--- Listed records Enclosed Below ---
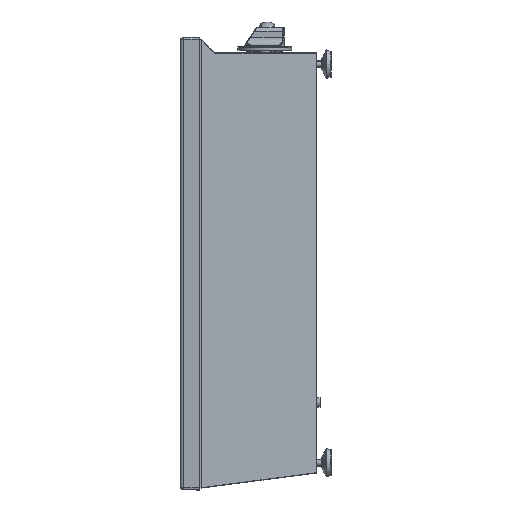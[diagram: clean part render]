
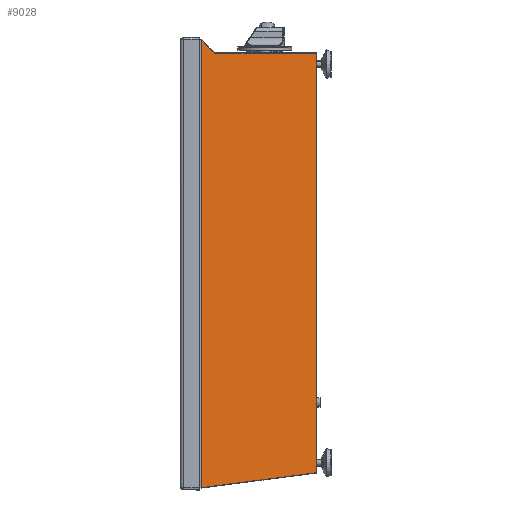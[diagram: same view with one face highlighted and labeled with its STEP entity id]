
A CAD part, left-side view. The second image highlights one B-rep face of the part: STEP entity #9028.
In plain terms, the highlighted planar face has unit normal (-0.992, -0.13, 0) by its records, which use the part's own axes.
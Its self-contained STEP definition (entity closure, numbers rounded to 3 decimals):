
#43 = EDGE_CURVE ( 'NONE', #8286, #6077, #25374, .T. ) ;
#452 = DIRECTION ( 'NONE',  ( -0.092, 0.704, 0.704 ) ) ;
#1962 = VERTEX_POINT ( 'NONE', #12976 ) ;
#2338 = FACE_OUTER_BOUND ( 'NONE', #30800, .T. ) ;
#2767 = CARTESIAN_POINT ( 'NONE',  ( -427.5, -176.5, 279. ) ) ;
#2880 = CARTESIAN_POINT ( 'NONE',  ( -427.5, -176.5, -297.5 ) ) ;
#3095 = ORIENTED_EDGE ( 'NONE', *, *, #24413, .T. ) ;
#4410 = CARTESIAN_POINT ( 'NONE',  ( -447.5, -24., 296.439 ) ) ;
#5054 = CARTESIAN_POINT ( 'NONE',  ( -447.307, -25.469, 295.389 ) ) ;
#5323 = B_SPLINE_CURVE_WITH_KNOTS ( 'NONE', 3,
 ( #33713, #9143, #6412, #20714, #12017, #17829 ),
 .UNSPECIFIED., .F., .F.,
 ( 4, 2, 4 ),
 ( 0., 0.5, 1. ),
 .UNSPECIFIED. ) ;
#6077 = VERTEX_POINT ( 'NONE', #7554 ) ;
#6412 = CARTESIAN_POINT ( 'NONE',  ( -445.088, -42.39, 279.092 ) ) ;
#6519 = EDGE_CURVE ( 'NONE', #6077, #15335, #16553, .T. ) ;
#7554 = CARTESIAN_POINT ( 'NONE',  ( -447.449, -24.39, -296.945 ) ) ;
#8286 = VERTEX_POINT ( 'NONE', #11193 ) ;
#8889 = CARTESIAN_POINT ( 'NONE',  ( -447.483, -24.13, -296.974 ) ) ;
#9028 = ADVANCED_FACE ( 'NONE', ( #2338 ), #10479, .F. ) ;
#9143 = CARTESIAN_POINT ( 'NONE',  ( -445.028, -42.85, 279. ) ) ;
#9669 = VECTOR ( 'NONE', #12648, 1000. ) ;
#10004 = ORIENTED_EDGE ( 'NONE', *, *, #43, .T. ) ;
#10479 = PLANE ( 'NONE',  #14782 ) ;
#10907 = LINE ( 'NONE', #17237, #13115 ) ;
#11193 = CARTESIAN_POINT ( 'NONE',  ( -447.5, -24., -296.982 ) ) ;
#11641 = LINE ( 'NONE', #16920, #15458 ) ;
#12017 = CARTESIAN_POINT ( 'NONE',  ( -445.25, -41.157, 279.701 ) ) ;
#12648 = DIRECTION ( 'NONE',  ( 0., 0., -1. ) ) ;
#12976 = CARTESIAN_POINT ( 'NONE',  ( -444.968, -43.308, 279. ) ) ;
#13115 = VECTOR ( 'NONE', #27707, 1000. ) ;
#13599 = B_SPLINE_CURVE_WITH_KNOTS ( 'NONE', 3,
 ( #5054, #20804, #18101, #4410 ),
 .UNSPECIFIED., .F., .F.,
 ( 4, 4 ),
 ( 0., 1. ),
 .UNSPECIFIED. ) ;
#14321 = VERTEX_POINT ( 'NONE', #19208 ) ;
#14670 = EDGE_CURVE ( 'NONE', #30285, #14321, #13599, .T. ) ;
#14782 = AXIS2_PLACEMENT_3D ( 'NONE', #2880, #35578, #24925 ) ;
#15129 = VERTEX_POINT ( 'NONE', #19550 ) ;
#15196 = ORIENTED_EDGE ( 'NONE', *, *, #21494, .T. ) ;
#15335 = VERTEX_POINT ( 'NONE', #25322 ) ;
#15375 = CARTESIAN_POINT ( 'NONE',  ( -447.5, -24., -294.475 ) ) ;
#15458 = VECTOR ( 'NONE', #452, 1000. ) ;
#16088 = ORIENTED_EDGE ( 'NONE', *, *, #19002, .T. ) ;
#16553 = LINE ( 'NONE', #19437, #26554 ) ;
#16920 = CARTESIAN_POINT ( 'NONE',  ( -398.773, -395.545, -74.687 ) ) ;
#17237 = CARTESIAN_POINT ( 'NONE',  ( -427.5, -176.5, -297.5 ) ) ;
#17829 = CARTESIAN_POINT ( 'NONE',  ( -445.292, -40.833, 280.025 ) ) ;
#18101 = CARTESIAN_POINT ( 'NONE',  ( -447.429, -24.544, 296.172 ) ) ;
#18344 = VECTOR ( 'NONE', #32775, 1000. ) ;
#18593 = ORIENTED_EDGE ( 'NONE', *, *, #23051, .T. ) ;
#19002 = EDGE_CURVE ( 'NONE', #14321, #8286, #34867, .T. ) ;
#19025 = ORIENTED_EDGE ( 'NONE', *, *, #22627, .T. ) ;
#19208 = CARTESIAN_POINT ( 'NONE',  ( -447.5, -24., 296.439 ) ) ;
#19437 = CARTESIAN_POINT ( 'NONE',  ( -427.841, -173.9, -277.337 ) ) ;
#19546 = CARTESIAN_POINT ( 'NONE',  ( -447.307, -25.469, 295.389 ) ) ;
#19550 = CARTESIAN_POINT ( 'NONE',  ( -445.292, -40.833, 280.025 ) ) ;
#19737 = CARTESIAN_POINT ( 'NONE',  ( -447.5, -24., -296.982 ) ) ;
#19791 = DIRECTION ( 'NONE',  ( 0.129, -0.983, 0.129 ) ) ;
#20092 = CARTESIAN_POINT ( 'NONE',  ( -447.466, -24.26, -296.962 ) ) ;
#20211 = ORIENTED_EDGE ( 'NONE', *, *, #6519, .T. ) ;
#20714 = CARTESIAN_POINT ( 'NONE',  ( -445.199, -41.546, 279.441 ) ) ;
#20804 = CARTESIAN_POINT ( 'NONE',  ( -447.363, -25.042, 295.816 ) ) ;
#21494 = EDGE_CURVE ( 'NONE', #1962, #15129, #5323, .T. ) ;
#22627 = EDGE_CURVE ( 'NONE', #26557, #1962, #35303, .T. ) ;
#23051 = EDGE_CURVE ( 'NONE', #15129, #30285, #11641, .T. ) ;
#23796 = ORIENTED_EDGE ( 'NONE', *, *, #14670, .T. ) ;
#24413 = EDGE_CURVE ( 'NONE', #15335, #26557, #10907, .T. ) ;
#24474 = CARTESIAN_POINT ( 'NONE',  ( -427.5, -176.5, 279. ) ) ;
#24925 = DIRECTION ( 'NONE',  ( -0.13, 0.992, 0. ) ) ;
#25322 = CARTESIAN_POINT ( 'NONE',  ( -427.5, -176.5, -276.996 ) ) ;
#25374 = B_SPLINE_CURVE_WITH_KNOTS ( 'NONE', 3,
 ( #19737, #8889, #20092, #31105 ),
 .UNSPECIFIED., .F., .F.,
 ( 4, 4 ),
 ( 0., 1. ),
 .UNSPECIFIED. ) ;
#26554 = VECTOR ( 'NONE', #19791, 1000. ) ;
#26557 = VERTEX_POINT ( 'NONE', #2767 ) ;
#27707 = DIRECTION ( 'NONE',  ( 0., 0., 1. ) ) ;
#30285 = VERTEX_POINT ( 'NONE', #19546 ) ;
#30800 = EDGE_LOOP ( 'NONE', ( #16088, #10004, #20211, #3095, #19025, #15196, #18593, #23796 ) ) ;
#31105 = CARTESIAN_POINT ( 'NONE',  ( -447.449, -24.39, -296.945 ) ) ;
#32775 = DIRECTION ( 'NONE',  ( -0.13, 0.992, 0. ) ) ;
#33713 = CARTESIAN_POINT ( 'NONE',  ( -444.968, -43.308, 279. ) ) ;
#34867 = LINE ( 'NONE', #15375, #9669 ) ;
#35303 = LINE ( 'NONE', #24474, #18344 ) ;
#35578 = DIRECTION ( 'NONE',  ( 0.992, 0.13, 0. ) ) ;
--- End of Enclosed Listed records ---
Everything above from the line containing "#12017 = CARTESIAN_POINT" down to the line containing "#19208 = CARTESIAN_POINT" is to be transcribed exactly, with both of those lines included and nothing else added.

— Reply to the task —
#12017 = CARTESIAN_POINT ( 'NONE',  ( -445.25, -41.157, 279.701 ) ) ;
#12648 = DIRECTION ( 'NONE',  ( 0., 0., -1. ) ) ;
#12976 = CARTESIAN_POINT ( 'NONE',  ( -444.968, -43.308, 279. ) ) ;
#13115 = VECTOR ( 'NONE', #27707, 1000. ) ;
#13599 = B_SPLINE_CURVE_WITH_KNOTS ( 'NONE', 3,
 ( #5054, #20804, #18101, #4410 ),
 .UNSPECIFIED., .F., .F.,
 ( 4, 4 ),
 ( 0., 1. ),
 .UNSPECIFIED. ) ;
#14321 = VERTEX_POINT ( 'NONE', #19208 ) ;
#14670 = EDGE_CURVE ( 'NONE', #30285, #14321, #13599, .T. ) ;
#14782 = AXIS2_PLACEMENT_3D ( 'NONE', #2880, #35578, #24925 ) ;
#15129 = VERTEX_POINT ( 'NONE', #19550 ) ;
#15196 = ORIENTED_EDGE ( 'NONE', *, *, #21494, .T. ) ;
#15335 = VERTEX_POINT ( 'NONE', #25322 ) ;
#15375 = CARTESIAN_POINT ( 'NONE',  ( -447.5, -24., -294.475 ) ) ;
#15458 = VECTOR ( 'NONE', #452, 1000. ) ;
#16088 = ORIENTED_EDGE ( 'NONE', *, *, #19002, .T. ) ;
#16553 = LINE ( 'NONE', #19437, #26554 ) ;
#16920 = CARTESIAN_POINT ( 'NONE',  ( -398.773, -395.545, -74.687 ) ) ;
#17237 = CARTESIAN_POINT ( 'NONE',  ( -427.5, -176.5, -297.5 ) ) ;
#17829 = CARTESIAN_POINT ( 'NONE',  ( -445.292, -40.833, 280.025 ) ) ;
#18101 = CARTESIAN_POINT ( 'NONE',  ( -447.429, -24.544, 296.172 ) ) ;
#18344 = VECTOR ( 'NONE', #32775, 1000. ) ;
#18593 = ORIENTED_EDGE ( 'NONE', *, *, #23051, .T. ) ;
#19002 = EDGE_CURVE ( 'NONE', #14321, #8286, #34867, .T. ) ;
#19025 = ORIENTED_EDGE ( 'NONE', *, *, #22627, .T. ) ;
#19208 = CARTESIAN_POINT ( 'NONE',  ( -447.5, -24., 296.439 ) ) ;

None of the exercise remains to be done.